The table below displays a top10 of victims per event type:
subset(arrange(sd3, desc(sd3$total_victims))[1:10,], select=c("EVTYPE",
"total_events", "total_injuries", "total_fatalities", "total_victims"))
## # A tibble: 10 x 5
## EVTYPE total_events total_injuries total_fatalities total_victims
## <fct> <int> <dbl> <dbl> <dbl>
## 1 TORNADO 60652 91346 5633 96979
## 2 EXCESSIVE H… 1678 6525 1903 8428
## 3 TSTM WIND 219940 6957 504 7461
## 4 FLOOD 25326 6789 470 7259
## 5 LIGHTNING 15754 5230 816 6046
## 6 HEAT 767 2100 937 3037
## 7 FLASH FLOOD 54277 1777 978 2755
## 8 ICE STORM 2006 1975 89 2064
## 9 THUNDERSTOR… 82563 1488 133 1621
## 10 WINTER STORM 11433 1321 206 1527
The graphic below shows a top10 of the worst events in terms of victims:
# ploting nb victims / events type
g <- ggplot(data=top10_victims,
aes(x=reorder(EVTYPE, -total_victims), y=total_victims, fill=EVTYPE))
# printing plot with adequate legends and scaling
g + geom_bar(stat="identity") + theme_minimal() +
ggtitle("TOTAL NUMBER OF VICTIMS PER EVENTS TYPE") + labs(fill="Events") +
scale_y_continuous(name="number of injuries + fatalities",
labels = scales::comma) +
theme(axis.title.x=element_blank(), axis.text.x=element_blank(),
axis.ticks.x=element_blank())
Now from an economic point of view, the result is again different with FLOOD arriving first in term of damages amount.
As for victims, both property and crop damages have been added together to get these results.

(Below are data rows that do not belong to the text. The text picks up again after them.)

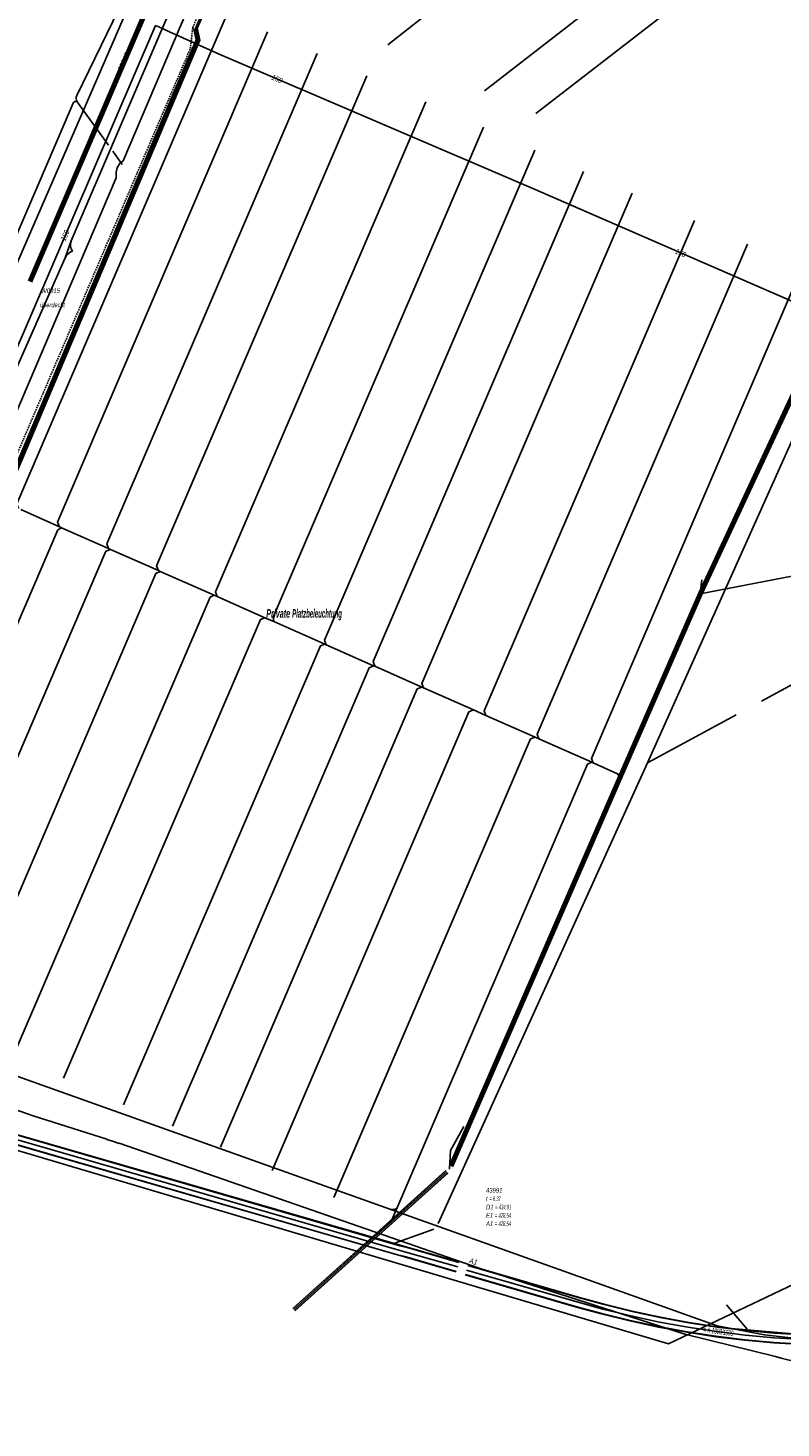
# Model space of a CAD drawing. Header units: metres. Extents: x 2695563 to 2696938, y 1260544 to 1262032.
# Tile 180 of 256: x 2696194 to 2696272, y 1261793 to 1261937. Entities that reach past the tile are written whole.
import ezdxf

# ---------------------------------------------------------------- set-up
doc = ezdxf.new("R2010")
doc.units = ezdxf.units.M
doc.linetypes.add('AUSGEZOGEN', pattern=[0])
doc.linetypes.add('STRICHLINIE2_S3', pattern=[0.25, 0.15, -0.1])
for name, color, linetype in [('AW_LK_ Haltung Text', 7, 'AUSGEZOGEN'), ('AW_LK_Ein-Auslauftext', 24, 'AUSGEZOGEN'), ('AW_LK_Haltung', 24, 'AUSGEZOGEN'), ('AW_LK_Normschacht Text', 24, 'AUSGEZOGEN'), ('EW_LK_Freitext_Text', 1, 'AUSGEZOGEN'), ('EW_LK_Trasseabs', 1, 'AUSGEZOGEN'), ('GA_LK_Leitung', 32, 'AUSGEZOGEN'), ('GA_LK_Leitung_Text', 32, 'AUSGEZOGEN'), ('TV_LK_LEITUNG', 92, 'AUSGEZOGEN'), ('WA_LK_Leitung', 171, 'AUSGEZOGEN'), ('WA_LK_Leitung_Text', 171, 'AUSGEZOGEN')]:
    doc.layers.add(name, color=color, linetype=linetype)
doc.styles.add('ARIAL', font='arial.ttf')
doc.styles.add('ARIALNARROW', font='ARIALN.TTF')

# ---------------------------------------------------------------- blocks, each defined once
blk = doc.blocks.new('COMPLEXOBJECT_1898')
at = {"layer": 'EW_LK_Trasseabs', "color": 1, "linetype": 'AUSGEZOGEN', "transparency": 33554687}
for points in [[(6133.51, 11863.35), (6120.8, 11891.21), (6118.46, 11896.19), (6113.04, 11908.89), (6110.86, 11914.14), (6104.8, 11926.81), (6098.44, 11940.41), (6090.26, 11958.89), (6087.21, 11965.15)], [(6201.24, 11822.74), (6193.63, 11825.16), (6184.42, 11828.37), (6166.76, 11833.25)]]:
    blk.add_lwpolyline(points, dxfattribs=at)
for centre, radius, start, end in [((6170.19, 11877.92), 39.48, 201.666, 213.9914), ((6187.66, 11885.07), 58.09, 210.2019, 223.9179), ((6174.64, 11869.01), 37.65, 220.0524, 230.3781), ((6167.48, 11860.36), 26.42, 230.3851, 243.129), ((6172.25, 11874.46), 41.21, 246.0662, 253.3423), ((6189.23, 11927.7), 97.09, 252.7489, 256.6166)]:
    blk.add_arc(centre, radius, start, end, dxfattribs=at)
blk = doc.blocks.new('COMPLEXOBJECT_2178')
at = {"layer": 'EW_LK_Trasseabs', "color": 1, "linetype": 'AUSGEZOGEN', "transparency": 33554687}
blk.add_lwpolyline([(6270.44, 11800.26), (6261.07, 11802.59), (6239.76, 11809.41), (6202.51, 11822.32)], dxfattribs=at)
blk.add_arc((6279.95, 11833.96), 35.02, 254.2448, 269.693, dxfattribs=at)
blk = doc.blocks.new('COMPLEXOBJECT_2182')
at = {"layer": 'EW_LK_Trasseabs', "color": 1, "linetype": 'AUSGEZOGEN', "transparency": 33554687}
blk.add_line((6198.19, 11930.05), (6201.43, 11925.54), dxfattribs=at)
blk.add_arc((6198.05, 11929.77), 0.309, 63.4115, 155.4972, dxfattribs=at)

msp = doc.modelspace()

# ---------------------------------------------------------------- linework, layer by layer
at = {"layer": 'AW_LK_Haltung', "linetype": 'AUSGEZOGEN', "transparency": 33554687}
for p, q in [((2696220.93, 1261973.89), (2696194.1, 1261911.35)), ((2696220.95, 1261973.88), (2696194.12, 1261911.34)), ((2696220.97, 1261973.87), (2696194.14, 1261911.33)), ((2696221.21, 1261973.77), (2696194.38, 1261911.23)), ((2696221.23, 1261973.76), (2696194.39, 1261911.22)), ((2696221.25, 1261973.76), (2696194.41, 1261911.21)), ((2696278.82, 1261912), (2696263.46, 1261879.02)), ((2696278.84, 1261911.99), (2696263.48, 1261879.01)), ((2696278.86, 1261911.98), (2696263.5, 1261879)), ((2696279.1, 1261911.87), (2696263.74, 1261878.9)), ((2696279.11, 1261911.86), (2696263.75, 1261878.89)), ((2696279.13, 1261911.85), (2696263.77, 1261878.88)), ((2696263.46, 1261879.02), (2696255.17, 1261860.02)), ((2696263.48, 1261879.01), (2696255.19, 1261860.01)), ((2696263.5, 1261879), (2696255.2, 1261860.01)), ((2696263.74, 1261878.9), (2696255.44, 1261859.9)), ((2696263.76, 1261878.89), (2696255.46, 1261859.89)), ((2696263.77, 1261878.88), (2696255.48, 1261859.89)), ((2696255.17, 1261860.02), (2696237.68, 1261819.84)), ((2696255.19, 1261860.01), (2696237.7, 1261819.83)), ((2696255.2, 1261860), (2696237.71, 1261819.82)), ((2696255.44, 1261859.9), (2696237.95, 1261819.72)), ((2696255.46, 1261859.89), (2696237.97, 1261819.71)), ((2696255.48, 1261859.89), (2696237.99, 1261819.7)), ((2696232.55, 1261811.56), (2696172.82, 1261828.82)), ((2696232.55, 1261811.54), (2696172.82, 1261828.8)), ((2696232.56, 1261811.58), (2696172.83, 1261828.84)), ((2696232.28, 1261810.6), (2696172.55, 1261827.86)), ((2696232.28, 1261810.58), (2696172.55, 1261827.84)), ((2696232.29, 1261810.61), (2696172.56, 1261827.88)), ((2696237.29, 1261819.31), (2696231.5, 1261814.09)), ((2696237.3, 1261819.29), (2696231.51, 1261814.08)), ((2696237.31, 1261819.28), (2696231.52, 1261814.06)), ((2696237.49, 1261819.08), (2696231.7, 1261813.87)), ((2696237.5, 1261819.07), (2696231.71, 1261813.86)), ((2696237.51, 1261819.05), (2696231.72, 1261813.84)), ((2696231.5, 1261814.09), (2696221.46, 1261805.06)), ((2696231.51, 1261814.08), (2696221.47, 1261805.04)), ((2696231.52, 1261814.06), (2696221.48, 1261805.03)), ((2696231.7, 1261813.87), (2696221.66, 1261804.83)), ((2696231.71, 1261813.86), (2696221.67, 1261804.82)), ((2696231.72, 1261813.84), (2696221.68, 1261804.8)), ((2696233.3, 1261811.36), (2696232.55, 1261811.56)), ((2696233.29, 1261811.34), (2696232.55, 1261811.54)), ((2696233.3, 1261811.38), (2696232.56, 1261811.58)), ((2696238.65, 1261809.81), (2696233.29, 1261811.34)), ((2696238.66, 1261809.84), (2696233.3, 1261811.38)), ((2696238.65, 1261809.82), (2696233.3, 1261811.36)), ((2696233.03, 1261810.4), (2696232.28, 1261810.6)), ((2696233.03, 1261810.38), (2696232.28, 1261810.58)), ((2696233.04, 1261810.42), (2696232.29, 1261810.61)), ((2696238.38, 1261808.86), (2696233.03, 1261810.4)), ((2696238.37, 1261808.84), (2696233.03, 1261810.38)), ((2696238.38, 1261808.88), (2696233.04, 1261810.42)), ((2696250.84, 1261805.21), (2696239.31, 1261808.54)), ((2696250.83, 1261805.19), (2696239.31, 1261808.52)), ((2696250.85, 1261805.23), (2696239.32, 1261808.55)), ((2696251.11, 1261806.15), (2696239.58, 1261809.48)), ((2696251.12, 1261806.19), (2696239.59, 1261809.52)), ((2696251.11, 1261806.17), (2696239.59, 1261809.5)), ((2696253.66, 1261805.46), (2696251.11, 1261806.17)), ((2696253.66, 1261805.45), (2696251.11, 1261806.15)), ((2696253.67, 1261805.48), (2696251.12, 1261806.19)), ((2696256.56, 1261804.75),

The table below displays a top10 of economic damages per event type:
subset(arrange(sd3, desc(sd3$total_damages))[1:10,], select=c("EVTYPE",
"total_events", "total_property_damages",
"total_crop_damages", "total_damages"))
## # A tibble: 10 x 5
## EVTYPE total_events total_property_d… total_crop_dama… total_damages
## <fct> <int> <dbl> <dbl> <dbl>
## 1 FLOOD 25326 144657709800 5661968450 150319678250
## 2 HURRICAN… 88 69305840000 2607872800 71913712800
## 3 TORNADO 60652 56937162897 414954710 57352117607
## 4 STORM SU… 261 43323536000 5000 43323541000
## 5 HAIL 288661 15732269877 3025954650 18758224527
## 6 FLASH FL… 54277 16140815011 1421317100 17562132111
## 7 DROUGHT 2488 1046106000 13972566000 15018672000
## 8 HURRICANE 174 11868319010 2741910000 14610229010
## 9 RIVER FL… 173 5118945500 5029459000 10148404500
## 10 ICE STORM 2006 3944928310 5022113500 8967041810
The graphic below shows the 10 worst events in terms of economic damages.
# ploting damages / events type
g <- ggplot(data=top10_damages,
aes(x=reorder(EVTYPE, -total_damages), y=total_damages, fill=EVTYPE))
# printing plot with adequate legends and scaling
g + geom_bar(stat="identity") + theme_minimal() +
ggtitle("TOTAL AMOUNT OF DAMAGES PER EVENTS TYPE") + labs(fill="Events") +
scale_y_continuous(name="amount of damages (property + crop) in USD",
labels = scales::comma) +
theme(axis.title.x=element_blank(), axis.text.x=element_blank(),
axis.ticks.x=element_blank())
This is the end, thanks for reading until it!